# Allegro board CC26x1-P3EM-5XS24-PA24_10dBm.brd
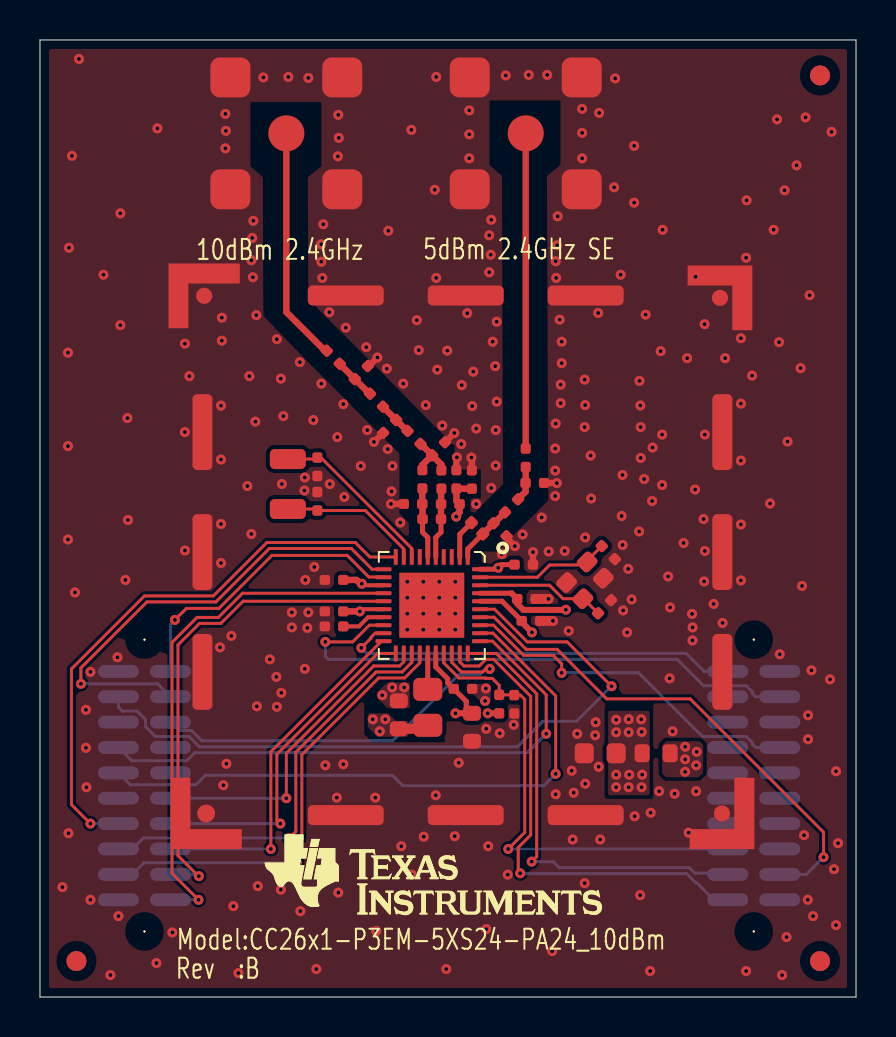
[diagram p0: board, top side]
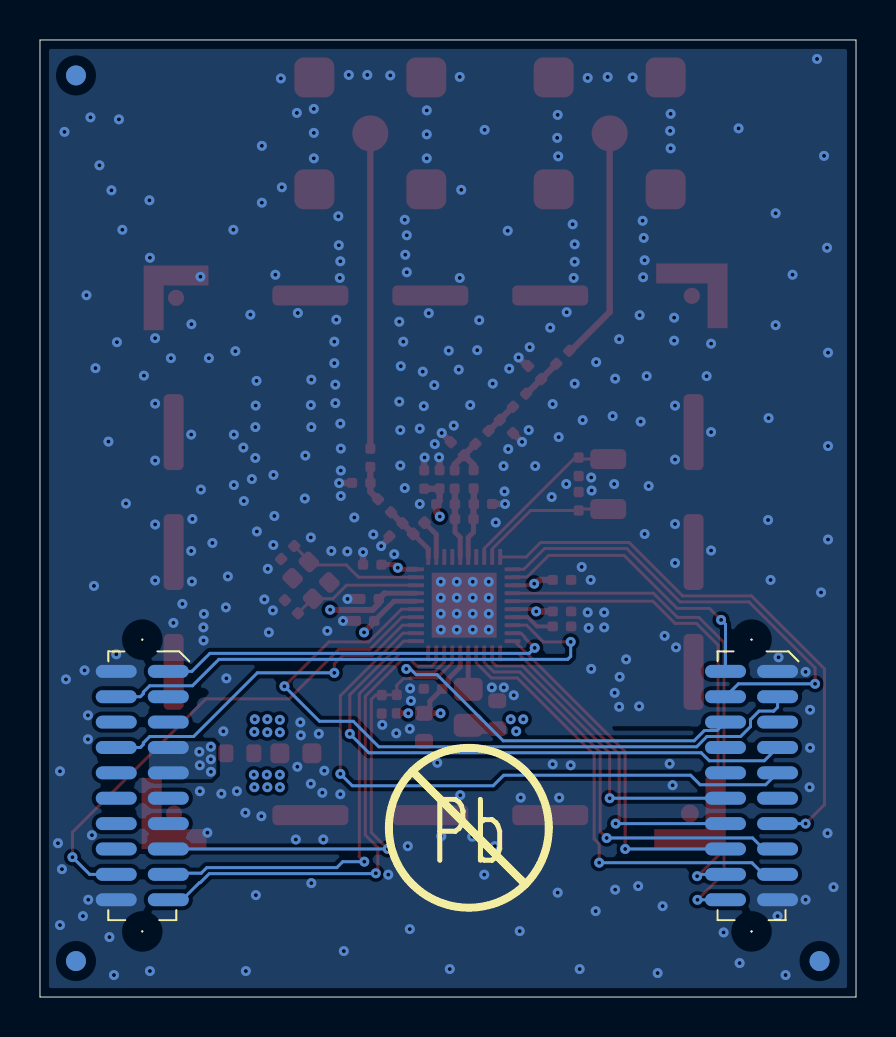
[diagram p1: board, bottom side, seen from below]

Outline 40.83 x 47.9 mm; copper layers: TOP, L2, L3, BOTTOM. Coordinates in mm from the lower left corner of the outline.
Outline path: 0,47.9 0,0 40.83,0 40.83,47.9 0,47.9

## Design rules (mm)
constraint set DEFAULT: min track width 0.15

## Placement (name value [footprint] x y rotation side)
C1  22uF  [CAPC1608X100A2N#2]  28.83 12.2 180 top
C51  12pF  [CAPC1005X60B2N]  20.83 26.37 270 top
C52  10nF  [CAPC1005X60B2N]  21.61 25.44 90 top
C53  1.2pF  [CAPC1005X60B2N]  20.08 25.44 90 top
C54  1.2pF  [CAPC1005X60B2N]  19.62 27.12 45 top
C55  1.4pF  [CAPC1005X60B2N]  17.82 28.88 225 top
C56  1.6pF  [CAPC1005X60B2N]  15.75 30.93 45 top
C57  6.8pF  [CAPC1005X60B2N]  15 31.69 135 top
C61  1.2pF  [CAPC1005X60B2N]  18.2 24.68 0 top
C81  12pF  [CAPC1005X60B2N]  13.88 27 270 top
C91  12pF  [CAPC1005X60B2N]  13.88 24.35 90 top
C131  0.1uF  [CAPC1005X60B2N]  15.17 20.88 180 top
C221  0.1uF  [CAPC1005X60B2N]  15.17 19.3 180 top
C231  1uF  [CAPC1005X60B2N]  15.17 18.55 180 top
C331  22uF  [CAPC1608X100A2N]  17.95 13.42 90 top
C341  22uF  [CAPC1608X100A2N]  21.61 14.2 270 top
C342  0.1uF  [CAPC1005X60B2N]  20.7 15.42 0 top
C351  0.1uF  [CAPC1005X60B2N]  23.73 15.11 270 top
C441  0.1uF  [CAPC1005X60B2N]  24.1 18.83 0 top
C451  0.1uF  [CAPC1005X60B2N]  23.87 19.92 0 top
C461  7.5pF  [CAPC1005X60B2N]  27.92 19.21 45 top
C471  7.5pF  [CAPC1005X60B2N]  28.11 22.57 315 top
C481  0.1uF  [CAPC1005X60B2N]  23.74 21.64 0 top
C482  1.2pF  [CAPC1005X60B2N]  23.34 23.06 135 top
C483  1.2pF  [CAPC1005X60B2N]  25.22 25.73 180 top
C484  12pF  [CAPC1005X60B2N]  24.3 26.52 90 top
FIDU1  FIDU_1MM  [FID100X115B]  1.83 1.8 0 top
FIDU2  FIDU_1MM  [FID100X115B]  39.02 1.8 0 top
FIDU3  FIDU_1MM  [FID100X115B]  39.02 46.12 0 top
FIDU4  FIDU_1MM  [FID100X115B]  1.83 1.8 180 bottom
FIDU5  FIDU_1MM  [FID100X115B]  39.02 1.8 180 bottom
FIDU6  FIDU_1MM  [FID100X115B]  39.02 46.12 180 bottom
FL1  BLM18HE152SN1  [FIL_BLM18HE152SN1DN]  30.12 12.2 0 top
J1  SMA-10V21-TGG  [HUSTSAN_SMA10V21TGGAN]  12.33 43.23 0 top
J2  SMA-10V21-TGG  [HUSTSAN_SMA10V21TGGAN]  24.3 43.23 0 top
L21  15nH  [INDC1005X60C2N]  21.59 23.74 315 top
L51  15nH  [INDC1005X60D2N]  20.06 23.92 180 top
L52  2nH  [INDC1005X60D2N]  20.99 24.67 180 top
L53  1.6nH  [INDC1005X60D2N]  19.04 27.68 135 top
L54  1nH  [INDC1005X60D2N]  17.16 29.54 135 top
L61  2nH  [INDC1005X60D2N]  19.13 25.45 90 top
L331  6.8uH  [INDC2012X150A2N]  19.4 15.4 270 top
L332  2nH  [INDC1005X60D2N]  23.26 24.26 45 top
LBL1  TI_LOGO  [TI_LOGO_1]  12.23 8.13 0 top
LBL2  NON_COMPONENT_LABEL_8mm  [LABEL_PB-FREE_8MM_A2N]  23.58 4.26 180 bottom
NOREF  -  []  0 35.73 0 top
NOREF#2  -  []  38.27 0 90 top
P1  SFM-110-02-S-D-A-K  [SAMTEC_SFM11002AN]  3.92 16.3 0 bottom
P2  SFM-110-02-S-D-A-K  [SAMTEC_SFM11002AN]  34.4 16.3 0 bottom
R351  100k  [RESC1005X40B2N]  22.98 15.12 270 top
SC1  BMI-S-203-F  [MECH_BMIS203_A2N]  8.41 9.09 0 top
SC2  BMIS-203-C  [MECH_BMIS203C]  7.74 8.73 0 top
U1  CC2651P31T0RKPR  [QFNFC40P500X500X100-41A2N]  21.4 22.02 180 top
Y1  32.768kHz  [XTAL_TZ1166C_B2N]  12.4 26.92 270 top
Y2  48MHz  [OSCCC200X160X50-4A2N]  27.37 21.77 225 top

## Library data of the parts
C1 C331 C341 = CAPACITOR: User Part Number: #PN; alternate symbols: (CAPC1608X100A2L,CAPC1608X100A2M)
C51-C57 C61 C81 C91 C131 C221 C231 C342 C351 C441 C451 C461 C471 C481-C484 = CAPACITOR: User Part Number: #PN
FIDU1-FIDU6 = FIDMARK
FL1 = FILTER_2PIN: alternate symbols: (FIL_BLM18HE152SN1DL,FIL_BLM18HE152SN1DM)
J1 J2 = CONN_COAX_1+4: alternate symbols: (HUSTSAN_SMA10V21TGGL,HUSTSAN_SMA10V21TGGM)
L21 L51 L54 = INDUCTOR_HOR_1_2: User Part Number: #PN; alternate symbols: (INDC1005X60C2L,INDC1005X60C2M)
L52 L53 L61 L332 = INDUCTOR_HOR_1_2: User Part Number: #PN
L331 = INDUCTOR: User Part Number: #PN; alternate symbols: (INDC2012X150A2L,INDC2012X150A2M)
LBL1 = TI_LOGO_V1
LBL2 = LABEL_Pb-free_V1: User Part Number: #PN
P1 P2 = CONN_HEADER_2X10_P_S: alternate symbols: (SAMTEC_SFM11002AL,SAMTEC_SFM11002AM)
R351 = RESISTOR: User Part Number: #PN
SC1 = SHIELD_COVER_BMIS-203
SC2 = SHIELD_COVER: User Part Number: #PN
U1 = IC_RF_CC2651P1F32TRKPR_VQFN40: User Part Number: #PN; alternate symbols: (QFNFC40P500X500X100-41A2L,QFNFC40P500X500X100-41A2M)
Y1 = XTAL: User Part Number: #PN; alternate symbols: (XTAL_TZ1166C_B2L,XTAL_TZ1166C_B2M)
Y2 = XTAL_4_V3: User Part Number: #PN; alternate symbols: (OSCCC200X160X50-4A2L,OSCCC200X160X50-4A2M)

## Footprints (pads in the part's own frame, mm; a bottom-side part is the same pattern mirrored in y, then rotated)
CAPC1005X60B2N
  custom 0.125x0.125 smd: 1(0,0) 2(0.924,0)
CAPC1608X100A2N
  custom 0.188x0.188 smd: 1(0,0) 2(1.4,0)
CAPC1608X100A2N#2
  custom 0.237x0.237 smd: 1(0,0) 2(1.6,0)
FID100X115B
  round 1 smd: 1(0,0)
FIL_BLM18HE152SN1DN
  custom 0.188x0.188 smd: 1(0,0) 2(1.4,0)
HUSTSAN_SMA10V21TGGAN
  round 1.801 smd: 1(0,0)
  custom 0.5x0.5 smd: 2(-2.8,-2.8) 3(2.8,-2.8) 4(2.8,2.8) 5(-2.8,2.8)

§ **What is being asked**:
Could you repeat exactly the lines above from the line with "3.92 16.3 0 bottom" up to and including the line with "26.92 270 top", and only those?

§ **Answer section**:
P1  SFM-110-02-S-D-A-K  [SAMTEC_SFM11002AN]  3.92 16.3 0 bottom
P2  SFM-110-02-S-D-A-K  [SAMTEC_SFM11002AN]  34.4 16.3 0 bottom
R351  100k  [RESC1005X40B2N]  22.98 15.12 270 top
SC1  BMI-S-203-F  [MECH_BMIS203_A2N]  8.41 9.09 0 top
SC2  BMIS-203-C  [MECH_BMIS203C]  7.74 8.73 0 top
U1  CC2651P31T0RKPR  [QFNFC40P500X500X100-41A2N]  21.4 22.02 180 top
Y1  32.768kHz  [XTAL_TZ1166C_B2N]  12.4 26.92 270 top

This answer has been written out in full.